[INPUT MATERIAL Boundary: Start]

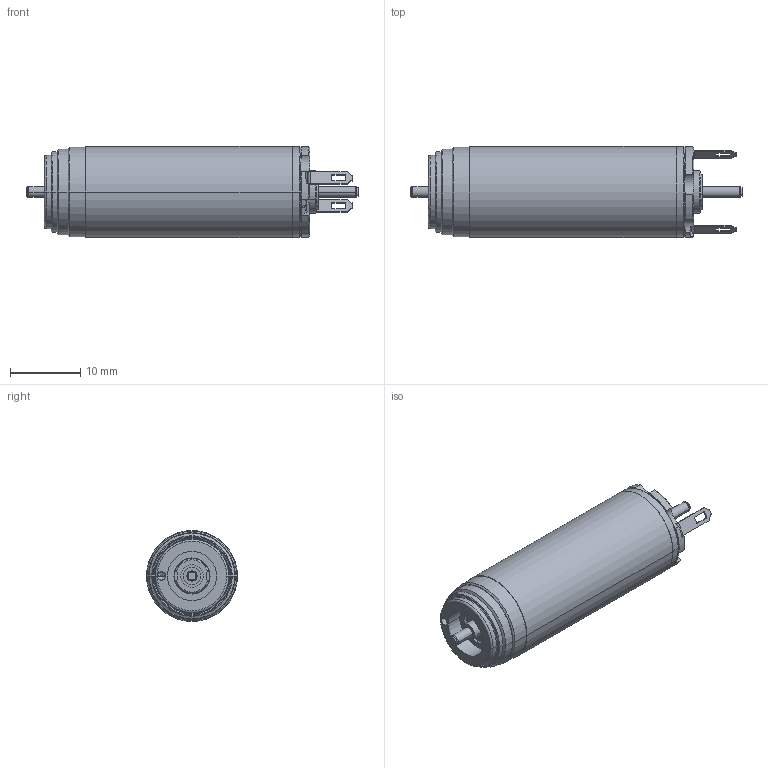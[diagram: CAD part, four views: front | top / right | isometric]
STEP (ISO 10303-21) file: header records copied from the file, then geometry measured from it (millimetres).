
FILE_DESCRIPTION((''),'2;1');
FILE_NAME('118628_3W_2WE_G_SW0001','2016-08-22T',('mmagpetk'),(''),'CREO PARAMETRIC BY PTC INC, 2016050','CREO PARAMETRIC BY PTC INC, 2016050','');
FILE_SCHEMA(('CONFIG_CONTROL_DESIGN'));
Length unit declared in the file: millimetre
Products named in the file (1): 118628_3W_2WE_G_SW0001
Bounding box: 47.4 x 13 x 13 mm (x, y, z)
Volume: 4835.7 mm3; surface area: 2343.6 mm2
Topology: 1 solids, 2 shells, 305 faces, 774 edges, 482 vertices
Faces by surface type: plane 118, cylinder 118, cone 53, torus 12, bspline 4
Entity records: 11984 total; most frequent: CARTESIAN_POINT 1991, DIRECTION 1671, ORIENTED_EDGE 1544, PRESENTATION_STYLE_ASSIGNMENT 773, STYLED_ITEM 773, CURVE_STYLE 772, EDGE_CURVE 772, AXIS2_PLACEMENT_3D 649

[INPUT MATERIAL Boundary: End]

§ WHAT YOU ARE ASKED TO DO:
What you return should match, exactly, the stretch of the listing above that runs from the line with "STEP (ISO 10303-21)" to its last line.

§ ANSWER FOR THIS EXERCISE:
STEP (ISO 10303-21) file: header records copied from the file, then geometry measured from it (millimetres).
FILE_DESCRIPTION((''),'2;1');
FILE_NAME('118628_3W_2WE_G_SW0001','2016-08-22T',('mmagpetk'),(''),'CREO PARAMETRIC BY PTC INC, 2016050','CREO PARAMETRIC BY PTC INC, 2016050','');
FILE_SCHEMA(('CONFIG_CONTROL_DESIGN'));
Length unit declared in the file: millimetre
Products named in the file (1): 118628_3W_2WE_G_SW0001
Bounding box: 47.4 x 13 x 13 mm (x, y, z)
Volume: 4835.7 mm3; surface area: 2343.6 mm2
Topology: 1 solids, 2 shells, 305 faces, 774 edges, 482 vertices
Faces by surface type: plane 118, cylinder 118, cone 53, torus 12, bspline 4
Entity records: 11984 total; most frequent: CARTESIAN_POINT 1991, DIRECTION 1671, ORIENTED_EDGE 1544, PRESENTATION_STYLE_ASSIGNMENT 773, STYLED_ITEM 773, CURVE_STYLE 772, EDGE_CURVE 772, AXIS2_PLACEMENT_3D 649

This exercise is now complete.